Quantencomputer gelten als eine der bedeutendsten Zukunftstechnologien. Da sie komplexe Berechnungen deutlich schneller durchführen können als heutige Computersysteme, eröffnen sie große Chancen, etwa in der Medizin, der Materialforschung und der Logistik oder bei der Entwicklung neuer KI-Anwendungen. Gleichzeitig stellt diese Technologie aber auch ein erhebliches Risiko dar.
Quantencomputer könnten Verschlüsselungsverfahren, die heute weit verbreitet sind, künftig brechen. Das ist insbesondere für kritische digitale Infrastrukturen wie den Zahlungsverkehr, digitale Identitäten, Mobilfunknetze, IoT-Anwendungen und staatliche Infrastrukturen eine große Herausforderung. Werden bestehende Verschlüsselungen angreifbar, könnten Zahlungen manipuliert, vertrauliche Kommunikation entschlüsselt oder digitale Identitäten kompromittiert werden.
Deshalb ist die Entwicklung sogenannter Post-Quantum Cryptography (PQC) von großer Bedeutung: kryptografische Verfahren, die auch gegen Angriffe mit Quantencomputern sicher bleiben sollen. Da Quantencomputing lange als ferne Zukunftstechnologie galt, wurde auch sein Einfluss auf die Cybersicherheit bislang eher als Thema von übermorgen wahrgenommen. Doch inzwischen mehren sich die Anzeichen, dass wir PQC schon in einer näheren Zukunft benötigen werden. G+D erläutert die wichtigsten davon:
- Fortschritte der Quantenforschung. Neue wissenschaftliche Untersuchungen zeigen, dass für das Brechen heutiger Verschlüsselungsverfahren möglicherweise deutlich weniger leistungsfähige Quantencomputer erforderlich sind als bislang angenommen. Der Grund dafür sind Fortschritte in der Quantenforschung, die die technischen Anforderungen an die Systeme senken könnten.
- Massive Investitionen in Quantencomputing. Weltweit werden inzwischen Milliardenbeträge in die Entwicklung von Quantencomputing-Technologien investiert. Laut McKinsey haben sich die globalen Investitionen innerhalb nur eines Jahres versechsfacht. Dadurch schreitet die Entwicklung leistungsfähiger Quantencomputer rasant voran, marktfähige, innovative Teillösungen nehmen systematisch zu.

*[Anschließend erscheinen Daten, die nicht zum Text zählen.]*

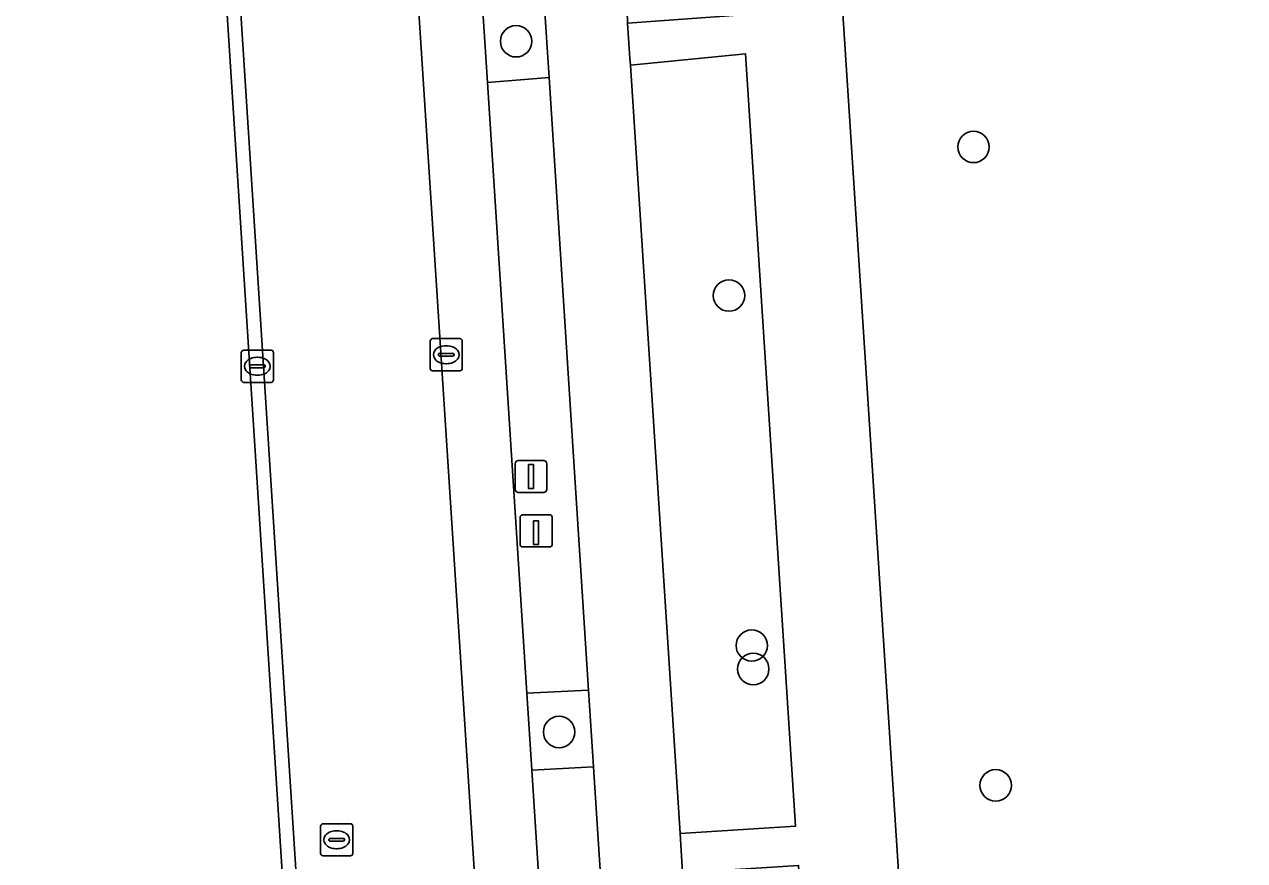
# Model space of a CAD drawing. Extents: x 160732 to 162107, y 387428 to 388479.
# Drawn here: x 160748.45 to 160786.43, y 387956.48 to 387982.53 of the extents above; entities that cross this region are included whole.
import ezdxf

# ---------------------------------------------------------------- set-up
doc = ezdxf.new("R2010")
doc.units = 0
for name, color, linetype in [('IMGEO_Boom', 7, 'Continuous'), ('IMGEO_Fietspad_gesloten', 7, 'Continuous'), ('IMGEO_Groenvoorziening', 7, 'Continuous'), ('IMGEO_Kolk', 7, 'Continuous'), ('IMGEO_Laadpaal', 7, 'Continuous'), ('IMGEO_Lichtmast', 7, 'Continuous'), ('IMGEO_Parkeervlak_open', 7, 'Continuous'), ('IMGEO_Rijbaan_lokaal_gesloten', 7, 'Continuous'), ('IMGEO_Rioolput', 7, 'Continuous'), ('IMGEO_Voetpad_open', 7, 'Continuous')]:
    doc.layers.add(name, color=color, linetype=linetype)

msp = doc.modelspace()

# ---------------------------------------------------------------- linework, layer by layer
at = {"layer": 'IMGEO_Boom'}
for centre in [(160763.757, 387982), (160777.994, 387978.709), (160770.383, 387974.081), (160771.093, 387963.181), (160771.138, 387962.449), (160765.096, 387960.487), (160778.685, 387958.825)]:
    msp.add_circle(centre, 0.489, dxfattribs=at)
at = {"layer": 'IMGEO_Fietspad_gesloten'}
for points in [[(160786.004, 387793.982), (160785.835, 387796.449), (160785.14, 387807.414), (160782.554, 387849.903), (160772.814, 388000), (160770.609, 388033.989), (160770.417, 388036.928), (160773.499, 388037.066), (160773.388, 388039.695), (160772.418, 388053.986)], [(160768.248, 388023.022), (160770.817, 387982.821), (160767.229, 387982.564), (160767.3, 387981.473), (160767.314, 387981.26), (160770.902, 387981.611), (160772.452, 387957.554), (160768.859, 387957.327), (160768.938, 387956.103), (160772.547, 387956.332), (160773.734, 387937.928), (160773.823, 387937.339), (160770.167, 387937.078), (160770.243, 387935.892), (160770.245, 387935.866), (160773.992, 387936.116), (160774.073, 387934.904), (160775.746, 387907.719), (160772.073, 387907.458), (160772.15, 387906.263)], [(160762.094, 388022.596), (160764.165, 387990.445), (160764.63, 387983.22), (160764.781, 387980.874), (160766.011, 387961.787), (160766.164, 387959.407), (160766.164, 387959.404), (160767.303, 387941.725), (160767.457, 387939.326), (160768.616, 387921.33), (160768.77, 387918.939), (160769.87, 387901.863), (160770.023, 387899.486), (160771.145, 387882.069), (160771.3, 387879.66), (160772.461, 387861.637), (160772.614, 387859.266), (160773.717, 387842.142), (160773.871, 387839.749), (160774.412, 387831.354), (160775.791, 387809.946), (160775.911, 387808.15), (160776.511, 387798.943)], [(160772.15, 387906.263), (160772.073, 387907.458), (160770.245, 387935.866), (160770.243, 387935.892), (160770.167, 387937.078), (160770.165, 387937.104), (160768.938, 387956.103), (160768.859, 387957.327), (160767.314, 387981.26), (160767.3, 387981.473), (160767.229, 387982.564), (160767.221, 387982.683), (160767.187, 387983.275), (160766.396, 388000), (160765.082, 388020.453)]]:
    msp.add_lwpolyline(points, dxfattribs=at)
at = {"layer": 'IMGEO_Groenvoorziening'}
msp.add_lwpolyline([(160792.906, 388044.151), (160773.388, 388039.695), (160773.499, 388037.066), (160770.417, 388036.928), (160770.609, 388033.989), (160772.814, 388000), (160782.554, 387849.903), (160785.14, 387807.414), (160785.835, 387796.449), (160792.972, 387796.854), (160820.028, 387798.4), (160842.863, 387799.764), (160854.715, 387800.466), (160860.437, 387800.637), (160860.183, 387802.298), (160861.348, 387803.724), (160862.871, 387803.535), (160867.876, 387805.321)], dxfattribs=at)
for points in [[(160764.63, 387983.22), (160762.708, 387983.089), (160762.861, 387980.718), (160764.781, 387980.874)], [(160770.902, 387981.611), (160767.314, 387981.26), (160768.859, 387957.327), (160772.452, 387957.554)], [(160766.011, 387961.787), (160764.092, 387961.692), (160764.246, 387959.305), (160764.246, 387959.299), (160766.164, 387959.404), (160766.164, 387959.407)]]:
    msp.add_lwpolyline(points, close=True, dxfattribs=at)
at = {"layer": 'IMGEO_Kolk'}
for p, q in [((160761.081, 387971.812), (160761.081, 387972.664)), ((160761.156, 387972.738), (160762.008, 387972.738)), ((160762.082, 387972.664), (160762.082, 387971.812)), ((160755.203, 387971.451), (160755.203, 387972.303)), ((160755.278, 387972.377), (160756.13, 387972.377)), ((160756.204, 387972.303), (160756.204, 387971.451)), ((160761.34, 387972.232), (160761.34, 387972.244)), ((160761.778, 387972.195), (160761.38, 387972.195)), ((160761.383, 387972.281), (160761.781, 387972.281)), ((160761.569, 387972.518), (160761.594, 387972.518)), ((160761.824, 387972.244), (160761.824, 387972.232)), ((160755.462, 387971.871), (160755.462, 387971.883)), ((160755.9, 387971.834), (160755.502, 387971.834)), ((160755.505, 387971.92), (160755.903, 387971.92)), ((160755.691, 387972.157), (160755.716, 387972.157)), ((160755.946, 387971.883), (160755.946, 387971.871)), ((160761.592, 387971.958), (160761.567, 387971.958)), ((160755.714, 387971.597), (160755.689, 387971.597)), ((160762.008, 387971.738), (160761.156, 387971.738)), ((160756.13, 387971.377), (160755.278, 387971.377))]:
    msp.add_line(p, q, dxfattribs=at)
for points in [[(160761.081, 387971.812), (160761.081, 387972.664)], [(160761.156, 387972.738), (160762.008, 387972.738)], [(160762.082, 387972.664), (160762.082, 387971.812)], [(160755.203, 387971.451), (160755.203, 387972.303)], [(160755.278, 387972.377), (160756.13, 387972.377)], [(160756.204, 387972.303), (160756.204, 387971.451)], [(160762.008, 387971.738), (160761.156, 387971.738)], [(160756.13, 387971.377), (160755.278, 387971.377)]]:
    msp.add_lwpolyline(points, dxfattribs=at)
for centre, radius, start, end in [((160761.158, 387972.662), 0.0765, 91.552, 178.448), ((160761.158, 387972.662), 0.0765, 91.552, 178.448), ((160762.006, 387972.662), 0.0765, 1.552, 88.448), ((160762.006, 387972.662), 0.0765, 1.552, 88.448), ((160755.28, 387972.301), 0.0765, 91.552, 178.448), ((160755.28, 387972.301), 0.0765, 91.552, 178.448), ((160756.128, 387972.301), 0.0765, 1.552, 88.448), ((160756.128, 387972.301), 0.0765, 1.552, 88.448), ((160761.38, 387972.241), 0.0403, 85.8775, 175.7526), ((160761.377, 387972.231), 0.0366, 178.938, 274.7102), ((160761.781, 387972.238), 0.043, 264.8664, 352.4533), ((160761.785, 387972.243), 0.0386, 1.7309, 96.639), ((160755.502, 387971.88), 0.0403, 85.8775, 175.7526), ((160755.499, 387971.87), 0.0366, 178.938, 274.7102), ((160755.903, 387971.877), 0.043, 264.8664, 352.4533), ((160755.907, 387971.882), 0.0386, 1.7309, 96.639), ((160761.158, 387971.814), 0.0765, 181.552, 268.448), ((160761.158, 387971.814), 0.0765, 181.552, 268.448), ((160762.006, 387971.814), 0.0765, 271.552, 358.448), ((160762.006, 387971.814), 0.0765, 271.552, 358.448), ((160755.28, 387971.453), 0.0765, 181.552, 268.448), ((160755.28, 387971.453), 0.0765, 181.552, 268.448), ((160756.128, 387971.453), 0.0765, 271.552, 358.448), ((160756.128, 387971.453), 0.0765, 271.552, 358.448)]:
    msp.add_arc(centre, radius, start, end, dxfattribs=at)
for centre, major_axis, ratio, start_param, end_param in [((160761.568, 387972.238), (-0.387, 0.002), 0.722429, 4.712389, 7.853982), ((160761.593, 387972.238), (-0.39, 0.002), 0.717154, 1.570796, 4.712389), ((160755.69, 387971.877), (-0.387, 0.002), 0.722429, 4.712389, 7.853982), ((160755.715, 387971.877), (-0.39, 0.002), 0.717154, 1.570796, 4.712389)]:
    msp.add_ellipse(centre, major_axis=major_axis, ratio=ratio, start_param=start_param, end_param=end_param, dxfattribs=at)
at = {"layer": 'IMGEO_Laadpaal'}
for p, q in [((160764.796, 387967.251), (160763.955, 387967.251)), ((160764.796, 387967.251), (160763.955, 387967.251)), ((160763.88, 387967.167), (160763.88, 387966.326)), ((160763.88, 387967.167), (160763.88, 387966.326)), ((160764.88, 387966.335), (160764.88, 387967.176)), ((160764.88, 387966.335), (160764.88, 387967.176)), ((160763.964, 387966.251), (160764.805, 387966.251)), ((160763.964, 387966.251), (160764.805, 387966.251))]:
    msp.add_line(p, q, dxfattribs=at)
msp.add_lwpolyline([(160764.295, 387967.064), (160764.455, 387967.064), (160764.455, 387966.331), (160764.295, 387966.331), (160764.295, 387967.064)], dxfattribs=at)
for centre, start, end in [((160763.958, 387967.173), 92.4484, 184.2845), ((160763.958, 387967.173), 92.4484, 184.2845), ((160764.802, 387967.173), 2.4484, 94.2845), ((160764.802, 387967.173), 2.4484, 94.2845), ((160763.958, 387966.329), 182.4484, 274.2845), ((160763.958, 387966.329), 182.4484, 274.2845), ((160764.802, 387966.329), 272.4484, 4.2845), ((160764.802, 387966.329), 272.4484, 4.2845)]:
    msp.add_arc(centre, 0.0779, start, end, dxfattribs=at)
at = {"layer": 'IMGEO_Lichtmast'}
for p, q in [((160763.725, 387968.044), (160763.725, 387968.844)), ((160763.725, 387968.844), (160763.725, 387968.044)), ((160763.825, 387968.944), (160764.615, 387968.944)), ((160764.615, 387968.944), (160763.825, 387968.944)), ((160764.715, 387968.844), (160764.715, 387968.044)), ((160764.715, 387968.044), (160764.715, 387968.844)), ((160764.615, 387967.944), (160763.825, 387967.944)), ((160763.825, 387967.944), (160764.615, 387967.944))]:
    msp.add_line(p, q, dxfattribs=at)
msp.add_lwpolyline([(160764.145, 387968.819), (160764.295, 387968.819), (160764.295, 387968.069), (160764.145, 387968.069), (160764.145, 387968.819)], dxfattribs=at)
for centre, start, end in [((160763.825, 387968.844), 90, 180), ((160763.825, 387968.844), 90, 180), ((160764.615, 387968.844), 0, 90), ((160764.615, 387968.844), 360, 90), ((160763.825, 387968.044), 180, 270), ((160763.825, 387968.044), 180, 270), ((160764.615, 387968.044), 270, 0), ((160764.615, 387968.044), 270, 0)]:
    msp.add_arc(centre, 0.1, start, end, dxfattribs=at)
at = {"layer": 'IMGEO_Parkeervlak_open'}
for points in [[(160764.736, 387834.986), (160760.378, 387902.244), (160759.662, 387913.216), (160753.548, 388008.421)], [(160753.342, 388007.807), (160753.178, 388007.614), (160753.178, 388007.614), (160757.594, 387938.635), (160764.041, 387836.325)], [(160760.054, 387993.374), (160765.198, 387913.607), (160765.693, 387902.582), (160768.238, 387866.38), (160770.258, 387835.277), (160770.567, 387831.608), (160771.02, 387827.716)], [(160766.865, 387918.802), (160766.711, 387921.174), (160765.546, 387939.202), (160765.392, 387941.58), (160764.246, 387959.299), (160764.246, 387959.305), (160764.092, 387961.692), (160762.861, 387980.718), (160762.708, 387983.089), (160762.241, 387990.311), (160762.236, 387990.383)]]:
    msp.add_lwpolyline(points, dxfattribs=at)
at = {"layer": 'IMGEO_Rijbaan_lokaal_gesloten'}
msp.add_lwpolyline([(160748.451, 388080.742), (160750.048, 388056.496), (160751.038, 388041.036), (160752.867, 388012.461), (160752.868, 388012.458), (160753.548, 388008.421), (160759.662, 387913.216), (160765.198, 387913.607), (160760.054, 387993.374), (160760.344, 387999.65)], dxfattribs=at)
at = {"layer": 'IMGEO_Rioolput'}
for p, q in [((160757.671, 387956.705), (160757.671, 387957.557)), ((160757.746, 387957.631), (160758.598, 387957.631)), ((160758.159, 387957.411), (160758.184, 387957.411)), ((160758.672, 387957.557), (160758.672, 387956.705)), ((160757.93, 387957.125), (160757.93, 387957.137)), ((160758.368, 387957.088), (160757.97, 387957.088)), ((160757.973, 387957.174), (160758.371, 387957.174)), ((160758.414, 387957.137), (160758.414, 387957.125)), ((160758.598, 387956.631), (160757.746, 387956.631)), ((160758.182, 387956.851), (160758.157, 387956.851))]:
    msp.add_line(p, q, dxfattribs=at)
for points in [[(160757.671, 387956.705), (160757.671, 387957.557)], [(160757.746, 387957.631), (160758.598, 387957.631)], [(160758.672, 387957.557), (160758.672, 387956.705)], [(160758.598, 387956.631), (160757.746, 387956.631)]]:
    msp.add_lwpolyline(points, dxfattribs=at)
for centre, radius, start, end in [((160757.748, 387957.555), 0.0765, 91.552, 178.448), ((160757.748, 387957.555), 0.0765, 91.552, 178.448), ((160758.596, 387957.555), 0.0765, 1.552, 88.448), ((160758.596, 387957.555), 0.0765, 1.552, 88.448), ((160757.97, 387957.134), 0.0403, 85.8775, 175.7526), ((160757.967, 387957.124), 0.0366, 178.938, 274.7102), ((160758.371, 387957.131), 0.043, 264.8664, 352.4533), ((160758.375, 387957.136), 0.0386, 1.7309, 96.639), ((160757.748, 387956.707), 0.0765, 181.552, 268.448), ((160757.748, 387956.707), 0.0765, 181.552, 268.448), ((160758.596, 387956.707), 0.0765, 271.552, 358.448), ((160758.596, 387956.707), 0.0765, 271.552, 358.448)]:
    msp.add_arc(centre, radius, start, end, dxfattribs=at)
for centre, major_axis, ratio, start_param, end_param in [((160758.158, 387957.131), (-0.387, 0.002), 0.722429, 4.712389, 7.853982), ((160758.183, 387957.131), (-0.39, 0.002), 0.717154, 1.570796, 4.712389)]:
    msp.add_ellipse(centre, major_axis=major_axis, ratio=ratio, start_param=start_param, end_param=end_param, dxfattribs=at)
at = {"layer": 'IMGEO_Voetpad_open'}
for points in [[(160764.781, 387980.874), (160762.861, 387980.718), (160764.092, 387961.692), (160766.011, 387961.787)], [(160766.164, 387959.404), (160764.246, 387959.299), (160765.392, 387941.58), (160767.303, 387941.725)]]:
    msp.add_lwpolyline(points, close=True, dxfattribs=at)

doc.saveas('drawing.dxf')

- Ambitionierte Zeitpläne von Technologiekonzernen. Unternehmen wie Google und Cloudflare haben ihre Migrationspläne konkretisiert und streben nun eine vollständige Umstellung auf PQC bis 2029 an. Damit orientieren sie sich deutlich früher als viele bisherige Branchen-Roadmaps, die eine breite Migration eher in der Mitte der 2030er Jahre verorteten.
- Fahrpläne staatlicher Organe. Immer mehr Regierungen und Sicherheitsbehörden veröffentlichen offizielle Strategien und Roadmaps für die PQC-Migration. Auch die Europäische Union hat im Juni 2024 eine koordinierte Roadmap veröffentlicht. Diese fordert die Mitgliedstaaten auf, für hochkritische Anwendungsfälle bis spätestens Ende 2030 auf quantensichere Verfahren umzustellen.
- Anpassungen von Standardisierungsgremien. Auch internationale Organisationen wie GSMA, 3GPP, ICAO und die IETF sind bereits aktiv. Sie arbeiten daran, bestehende Standards und Sicherheitsprotokolle um PQC zu erweitern, um ein hohes Maß an Sicherheit und Interoperabilität zu gewährleisten.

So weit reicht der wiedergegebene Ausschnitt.